Between 2001 and 2003, Goldring paid $1.66 million to Interactive Business Concepts for Scores-related business, even though IBC had no legitimate business purpose, Morgenthau said. IBC then claimed $1.68 million in business-related deductions on its state tax returns, he said.

Morgenthau said Goldring wrote off $185,000 as a ``consulting expense,'' and used the money to help build a house in New Jersey. He also used other funds diverted to IBC to buy $80,000 in jewelry and household items, according to Morgenthau.

`Potential Securities Fraud'

Morgenthau said there might be ``a problem'' with Scores financial statements as well. Assistant District Attorney Daniel Castleman, chief of investigations in Morgenthau's office, said Manhattan prosecutors are ``still looking at a number of things, including potential securities fraud.''

``We're dismayed by the charges, and we're confident the matter will be resolved very quickly,'' Goldring's attorney, Edward McDonald, said in an interview this morning.

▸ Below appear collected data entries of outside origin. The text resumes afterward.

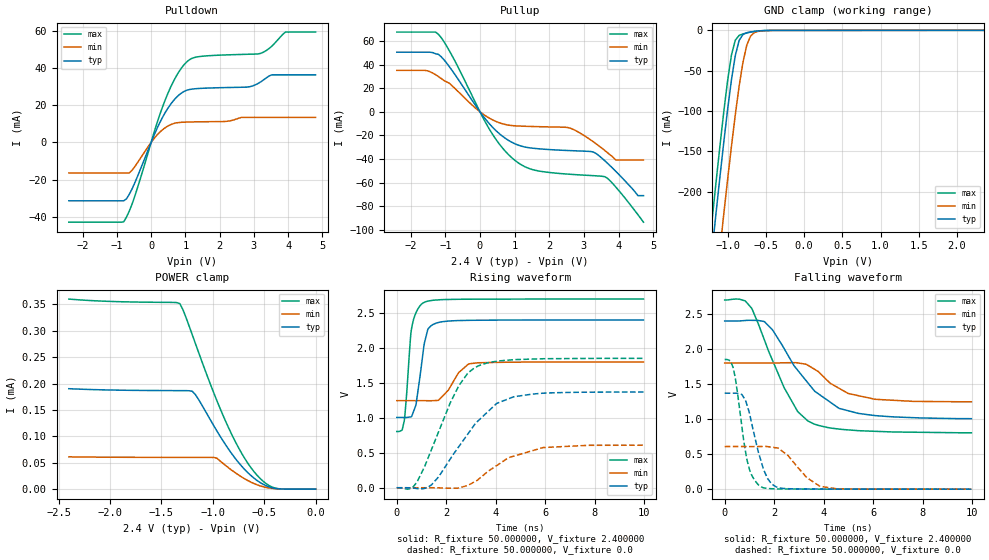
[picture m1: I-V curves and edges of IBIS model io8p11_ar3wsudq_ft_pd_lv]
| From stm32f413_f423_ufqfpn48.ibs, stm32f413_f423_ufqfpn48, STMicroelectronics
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|   Model io8p11_ar3wsudq_ft_pd_lv
[Model]  io8p11_ar3wsudq_ft_pd_lv
Model_type I/O
Polarity   Non-Inverting
Enable   Active-Low
Vinl =   0.720000V
Vinh =   1.680000V
Vmeas =  1.200000V
Cref =   30.000000pF
Rref =   100.000000M
Vref =   0.0V
C_comp   3.740800pF   3.684200pF   3.822900pF
[Temperature Range]   25.000000   0.125000k   -40.000000
[Pullup Reference]   2.400000V   1.800000V   2.700000V
[Pulldown Reference]   0.0V   0.0V   0.0V
[POWER Clamp Reference]   2.400000V   1.800000V   2.700000V
[GND Clamp Reference]   0.0V   0.0V   0.0V
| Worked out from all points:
|   slope of the pulldown table from 0 to 0.36 V, typ, clamps not added: 25 ohm
|   slope of the pullup table from 0 to 0.36 V, typ, clamps not added: 27.7 ohm
|   GND clamp passes 1 mA (typ) near -0.62 V on its own axis
|   rising waveform, R_fixture 50.000000, V_fixture 2.400000: 20-80 % time 337ps typ, 660ps min, 257ps max; typ from 1 V to 2.4 V
|   rising waveform, R_fixture 50.000000, V_fixture 0.0: 20-80 % time 1.79ns typ, 1.76ns min, 1.35ns max; typ from 0 V to 1.37 V
|   falling waveform, R_fixture 50.000000, V_fixture 2.400000: 20-80 % time 1.89ns typ, 1.37ns min, 1.43ns max; typ from 2.4 V to 1 V
|   falling waveform, R_fixture 50.000000, V_fixture 0.0: 20-80 % time 587ps typ, 967ps min, 463ps max; typ from 1.37 V to 0 V
[Pulldown]
|Voltage   I(typ)   I(min)   I(max)
-2.4V     -31.47mA   -16.45mA   -43.01mA
-800mV    -31.47mA   -16.45mA   -42.85mA
-480mV    -21.98mA   -13.17mA   -29.2mA
80mV      3.63mA     1.966mA    5.014mA
480mV     18.15mA    8.738mA    26.02mA
800mV     25.38mA    10.72mA    37.77mA
1.12V     28.53mA    11.02mA    44.6mA
2.8V      29.84mA    13.51mA    47.53mA
3.2V      32.66mA    13.51mA    48.04mA
3.52V     36.44mA    13.51mA    51.84mA
3.92V     36.44mA    13.51mA    59.49mA
4.8V      36.44mA    13.51mA    59.49mA
[Pullup]
|Voltage   I(typ)   I(min)   I(max)
-2.4V     50.45mA    35.08mA    67.51mA
-1.52V    50.45mA    34.74mA    67.51mA
-1.2V     48.64mA    29.87mA    65.66mA
320mV     -11.75mA   -6.207mA   -17.08mA
1.04V     -27.54mA   -11.97mA   -41.91mA
1.6V      -31.13mA   -12.58mA   -49.63mA
2.56V     -32.88mA   -13.52mA   -52.9mA
3.28V     -34.25mA   -25.63mA   -54.18mA
3.6V      -41.44mA   -32.74mA   -55.03mA
3.92V     -50.47mA   -40.9mA    -63.79mA
4.56V     -71.1mA    -40.9mA    -87.26mA
4.72V     -71.1mA    -40.9mA    -93.6mA
[GND_clamp]
|Voltage   I(typ)   I(min)   I(max)
-2.4V     -1.429A    -1.514A    -1.398A
-1.25V    -315.9mA   -407.2mA   -278.2mA
-1.2V     -270.1mA   -361.3mA   -232.1mA
-1.15V    -225mA     -316mA     -186.8mA
-1.1V     -180.9mA   -271.3mA   -142.7mA
-1.05V    -138.2mA   -227.5mA   -100.5mA
-950mV    -61.14mA   -143.6mA   -30.44mA
-900mV    -31.24mA   -104.7mA   -12.15mA
-850mV    -12.5mA    -69.41mA   -6.236mA
-750mV    -2.91mA    -18.35mA   -3.195mA
-600mV    -761.5uA   -1.227mA   -751.9uA
2.35V     58.09uA    37.93uA    67.25uA
[POWER_clamp]
|Voltage   I(typ)   I(min)   I(max)
-2.4V     190.2uA    61.19uA    359.9uA
-1.32V    186.6uA    60.14uA    351.2uA
-1.29V    186.5uA    60.13uA    339.6uA
-1.2V     185.4uA    60.11uA    292.6uA
-1.17V    179.2uA    60.11uA    276.3uA
-960mV    110.2uA    58.62uA    167.5uA
-870mV    82.44uA    43.99uA    126.3uA
-750mV    50.58uA    26.92uA    78.64uA
-630mV    25.94uA    13.41uA    41.02uA
-510mV    9.22uA     4.527uA    14.97uA
-420mV    2.425uA    1.38uA     3.75uA
0V        0A         0A         0A
[Ramp]
| variable   typ   min   max
dV/dt_r  0.82110/1.79267n   0.36358/1.74680n   1.11042/1.34598n
dV/dt_f  0.83310/1.88497n   0.33270/1.39339n   1.13542/1.42624n
R_load = 50.000000
[Rising Waveform]
R_fixture= 50.000000
V_fixture= 2.400000
V_fixture_min= 1.800000
V_fixture_max= 2.700000
|time   V(typ)   V(min)   V(max)
0s        1.005V     1.245V     804.3mV
220.2ps   1.005V     1.245V     829.3mV
320.3ps   1.005V     1.246V     1V
600.6ps   1.019V     1.246V     2.282V
780.8ps   1.197V     1.246V     2.506V
1.081ns   1.987V     1.245V     2.646V
1.381ns   2.316V     1.244V     2.677V
1.682ns   2.363V     1.251V     2.687V
2.903ns   2.394V     1.771V     2.696V
9.97ns    2.399V     1.799V     2.698V
[Rising Waveform]
R_fixture= 50.000000
V_fixture= 0.0
V_fixture_min= 0.0
V_fixture_max= 0.0
|time   V(typ)   V(min)   V(max)
0s        164.8uV    65.13uV    284uV
820.8ps   -11.83mV   61.77uV    83.35mV
1.401ns   40.83mV    135.6uV    546.1mV
2.162ns   411.3mV    -6.863mV   1.216V
2.523ns   595.5mV    -1.309mV   1.467V
3.143ns   901.9mV    85.6mV     1.715V
4.044ns   1.207V     318.9mV    1.809V
4.725ns   1.3V       452.1mV    1.831V
5.926ns   1.352V     575.1mV    1.845V
9.97ns    1.369V     608.3mV    1.85V
[Falling Waveform]
R_fixture= 50.000000
V_fixture= 2.400000
V_fixture_min= 1.800000
V_fixture_max= 2.700000
|time   V(typ)   V(min)   V(max)
0s        2.399V     1.799V     2.698V
820.8ps   2.406V     1.799V     2.687V
1.101ns   2.409V     1.799V     2.574V
1.602ns   2.391V     1.799V     2.131V
2.402ns   2.005V     1.803V     1.448V
2.943ns   1.699V     1.801V     1.111V
3.363ns   1.516V     1.767V     972.8mV
4.605ns   1.157V     1.442V     857.9mV
5.405ns   1.08V      1.333V     834.3mV
9.97ns    1.005V     1.245V     804.3mV
[Falling Waveform]
R_fixture= 50.000000
V_fixture= 0.0
V_fixture_min= 0.0
V_fixture_max= 0.0
|time   V(typ)   V(min)   V(max)
0s        1.369V     608.3mV    1.85V
340.3ps   1.369V     608.4mV    1.733V
440.4ps   1.369V     608.4mV    1.56V
840.8ps   1.267V     608.2mV    539.9mV
1.081ns   954.5mV    608mV      207.8mV
1.441ns   433.1mV    608.5mV    38.53mV
1.722ns   160.9mV    607.4mV    10.32mV
2.042ns   39.95mV    591.7mV    4.803mV
3.864ns   1.599mV    39.39mV    1.005mV
9.97ns    164.8uV    65.13uV    284uV

Scores has been in the news over the past few years for some of the hefty bills racked up by executives entertaining clients. In October, American Express Co. sued Savvis Inc. and its CEO Robert McCormick, claiming he ran up a $241,000 bill in a single night at Scores in October 2003. The suit said Savvis wouldn't cover McCormick's tab.

Savvis, a provider of networking services, disputed the charges, saying they totaled only about $20,000, according to the complaint. After performing its own investigation, American Express paid Scores, the suit said.

Champagne and Lap Dances

McCormick resigned from Savvis in November. At the time of the announcement, the suit hadn't been resolved, the company said in a statement. Town & Country, Missouri-based Savvis said McCormick didn't submit the disputed credit card charges to the company for reimbursement and that the company hadn't made any payment to American Express related to the bill.

In May 2004, Mitchell Blaser, the chief financial officer for the Americas division of Swiss Reinsurance Co., said in a lawsuit that Scores overcharged him on a $28,000 bill for a night of adult entertainment. Blaser charged five magnums of $3,200-a- bottle champagne and spent $7,000 for lap dances and other entertainment, Scores spokesman Lonnie Hanover said.

A month later, Tauhidul Chaudury, the husband of a Bangladeshi diplomat, sued Scores over his $129,000 tab, claiming he too was overcharged. The diplomat was later recalled to Bangladesh.

`Principle-Based Standards'

The New York Stock Exchange and the National Association of Securities Dealers announced last month that they planned to file a proposal with the U.S. Securities and Exchange Commission for ``principle-based standards'' regarding business entertainment.

Also last month, Morgan Stanley fired four employees for going to an Arizona strip club during a conference.

Goldring and Cheryl Osher were released on their own recognizance following an arraignment in Manhattan state Supreme Court this afternoon. Harvey Osher, also known as Harvey Cohen, who was convicted of federal felony charges in connection with a stock fraud, had to post $10,000 cash bail.

George Weinbaum, a lawyer for Harvey Osher, said he expected to resolve the case quickly. He told reporters his client had ``relied on the advice of accounting professionals.''

The three are due back in court Feb. 16th.

Shares of Scores Holding Company fell .05 cent to .8 cent in over-the-counter trading.